Sounds to me like you have an excellent work ethic.


----------



## Toddsterpatriot

rightwinger said:


> Don’t blame record low tax rates on the wealthy that force workers to assume more of the burden



The wealthy pay more of the burden than before.


----------



## rightwinger

Toddsterpatriot said:


> The wealthy pay more of the burden than before.



More of the burden for healthcare, education, retirement has been shifted to the workers


----------



## Toddsterpatriot

rightwinger said:


> More of the burden for healthcare, education, retirement has been shifted to the workers



You were talking about taxes.

Why are you changing the subject?


----------



## rightwinger

Toddsterpatriot said:


> You were talking about taxes.
> 
> Why are you changing the subject?


Because they are tied together
Slash taxes on the wealthy and you have less revenue for public programs


----------



## Toddsterpatriot

rightwinger said:


> Because they are tied together
> Slash taxes on the wealthy and you have less revenue for public programs



The wealthy are paying more of all the money that goes toward those public programs 
than they ever did in the 50s, 60s, 70s, 80s.


----------



## Mikeoxenormous

Flash said:


> The "income inequality" is really a work ethic inequality.
> 
> The government does everything it can to fuck up this country to take money away from the people that earn it and give it to the shitheads that didn't earn the money.  The filthy government is also a tremendous burden on our take home income.  However, despite that attack on our productivity it still remains that if you have trouble making a living in the US then it is your own damn fault.
> 
> I am not poorer because somebody else is richer.  I am poorer because the goddamn government takes my money and gives it away to shitheads.
> 
> I am not poorer because somebody else worked harder or smarter than me.  I am poorer than they are because I didn't work as hard or as smart as they did.
> 
> If I had invented Microsoft I would be as rich as Bill Gates.  But I didn't.
> 
> If I had come up with the idea of Facebook I would be as rich as Zuckenberg.  But I didn't.
> 
> If I have come up with the idea of Amazon I would be as rich as Jeff Bezos.  But I didn't.
> 
> If one of these filthy ass welfare queens that bitch about income equality would have studied in school like I did they would would have a comfortable living.  But they didn't.

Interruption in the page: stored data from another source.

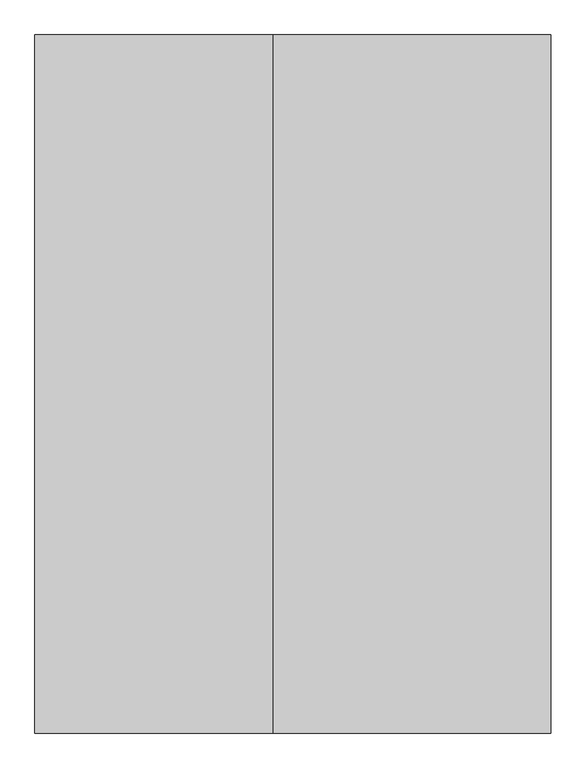
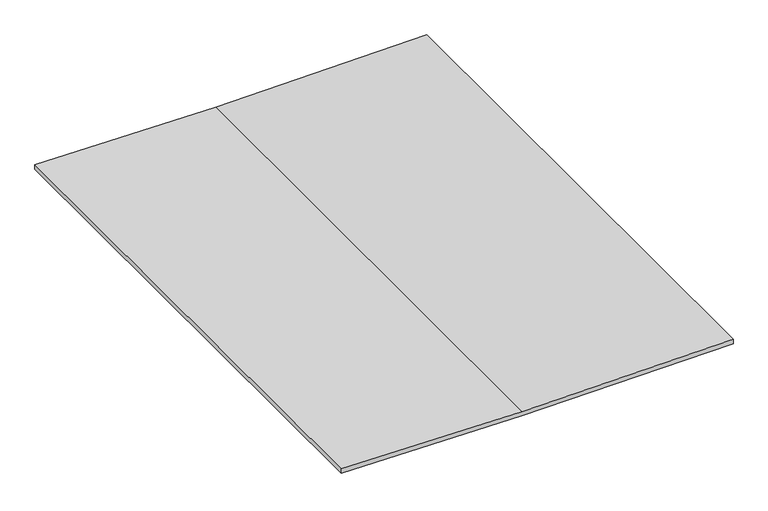
"""IFC4 building model written with IfcOpenShell, lengths in millimetres: proxy geometry, COVER BOARD002 14707 : COVER BOARD002 14707."""

from ifc_helpers import new_model, si_unit, frame, origin, place, context, project, spatial, polyline, outline, extrude, source, transform, mapped, element, save


def generic_models_e83da0d9(model_context):
    return source(origin(), model_context, "Body", "SweptSolid", [
        extrude(outline(polyline([(40228.1021556, -1886.5629484), (40237.9000089, -2567.3737014), (40220.5682898, -2567.3737014), (40210.7704365, -1886.5629484), (40220.5682898, -1090.0815411), (40237.9000089, -1090.0815411), (40228.1021556, -1886.5629484)])), frame((0.0, 1000.0, 0.0), z_axis=(0.0, 1.0, 0.0), x_axis=(0.0, 0.0, 1.0)), (0.0, 0.0, 1.0), 2000.0),
    ])


if __name__ == "__main__":
    model = new_model("IFC4")
    model_context = context("Model", 3, world=origin())
    ifc_project = project(units=[si_unit("LENGTHUNIT", "METRE", prefix="MILLI")], contexts=[model_context])
    site = spatial("IfcSite", under=ifc_project)
    building = spatial("IfcBuilding", under=site)
    placement = place(None, origin())
    generic_models_shape = generic_models_e83da0d9(model_context)
    element("IfcBuildingElementProxy", 1, Name="COVER BOARD002 14707 : COVER BOARD002 14707", ObjectType="COVER BOARD002 14707 : COVER BOARD002 14707", at=placement, inside=building, context=model_context, shape_type="MappedRepresentation", body=[
        mapped(generic_models_shape, transform((0.0, 0.0, 0.0), x_axis=(1.0, 0.0, 0.0), y_axis=(0.0, 1.0, 0.0), z_axis=(0.0, 0.0, 1.0))),
    ])
    save(model, "model.ifc")

# Revit data of these elements
# Type "COVER BOARD002 14707 : COVER BOARD002 14707"
#   NameOverride = "COVER BOARD002"
# Element 1 (IfcBuildingElementProxy, "COVER BOARD002 14707 : COVER BOARD002 14707")
#   Materials on its faces: "CDX PLYWOOD - SEE STRUCTURAL DWGS"
# Materials
#   "CDX PLYWOOD - SEE STRUCTURAL DWGS": class "Unassigned", colour RGB 138 93 50, transparency 0, Cost = 0

Elections have consequences.  The Joe Bidumb voter, voted for higher taxes, higher fuel costs and higher everything else costs.  That is just plain fucking stupid.


----------



## hunarcy

rightwinger said:


> How much was minimum wage increased in that time?
> It has been frozen for 13 years


Do your own research, silly


----------



## hunarcy

rightwinger said:


> Here we have proof of how brainwashed working Conservatives have become
> 
> Don’t blame Corporations that show record profits yet have left wages stagnant
> Don’t blame record low tax rates on the wealthy that force workers to assume more of the burden
> Don’t blame increased costs of healthcare and education
> 
> Blame the poor people who need help to feed and house their families


I'm sure you can list the corporations that only pay their workers minimum wage, right?  Cause if you can't, it's because you're making stuff up.


----------



## rightwinger

hunarcy said:


> I'm sure you can list the corporations that only pay their workers minimum wage, right?  Cause if you can't, it's because you're making stuff up.



Where did I say corporations pay minimum wage?


----------



## hunarcy

rightwinger said:


> Where did I say corporations pay minimum wage?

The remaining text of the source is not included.